• Task material

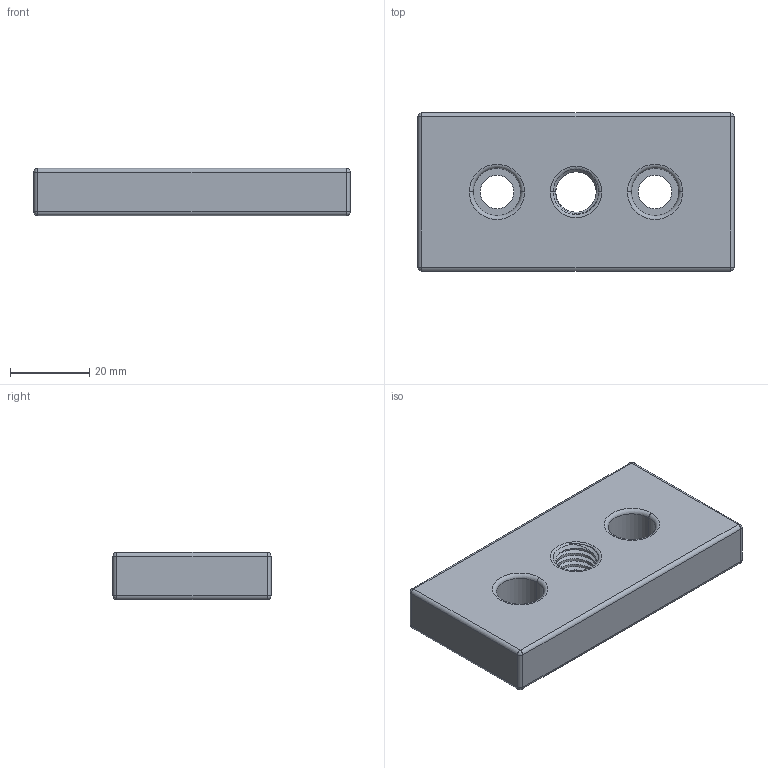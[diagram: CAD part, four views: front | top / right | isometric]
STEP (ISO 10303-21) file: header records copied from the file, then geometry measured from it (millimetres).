
FILE_DESCRIPTION (( 'STEP AP203' ), '1' );
FILE_NAME ('104-CE-SEC4080-8.STEP', '2015-07-09T08:39:02', ( '' ), ( '' ), 'SwSTEP 2.0', 'SolidWorks 2013', '' );
FILE_SCHEMA (( 'CONFIG_CONTROL_DESIGN' ));
Length unit declared in the file: millimetre
Products named in the file (1): 104-CE-SEC4080-8
Bounding box: 80 x 40 x 12 mm (x, y, z)
Volume: 34793.6 mm3; surface area: 10078.7 mm2
Topology: 1 solids, 1 shells, 62 faces, 151 edges, 85 vertices
Faces by surface type: cylinder 34, plane 8, sphere 8, torus 6, cone 4, bspline 2
Entity records: 3014 total; most frequent: CARTESIAN_POINT 1585, DIRECTION 288, ORIENTED_EDGE 286, EDGE_CURVE 143, AXIS2_PLACEMENT_3D 120, VERTEX_POINT 85, EDGE_LOOP 70, FACE_OUTER_BOUND 62

• The task
Give back the whole listing as it stands, minus its pictures.

• Task answer
[diagram: CAD part, four views: front | top / right | isometric]
STEP (ISO 10303-21) file: header records copied from the file, then geometry measured from it (millimetres).
FILE_DESCRIPTION (( 'STEP AP203' ), '1' );
FILE_NAME ('104-CE-SEC4080-8.STEP', '2015-07-09T08:39:02', ( '' ), ( '' ), 'SwSTEP 2.0', 'SolidWorks 2013', '' );
FILE_SCHEMA (( 'CONFIG_CONTROL_DESIGN' ));
Length unit declared in the file: millimetre
Products named in the file (1): 104-CE-SEC4080-8
Bounding box: 80 x 40 x 12 mm (x, y, z)
Volume: 34793.6 mm3; surface area: 10078.7 mm2
Topology: 1 solids, 1 shells, 62 faces, 151 edges, 85 vertices
Faces by surface type: cylinder 34, plane 8, sphere 8, torus 6, cone 4, bspline 2
Entity records: 3014 total; most frequent: CARTESIAN_POINT 1585, DIRECTION 288, ORIENTED_EDGE 286, EDGE_CURVE 143, AXIS2_PLACEMENT_3D 120, VERTEX_POINT 85, EDGE_LOOP 70, FACE_OUTER_BOUND 62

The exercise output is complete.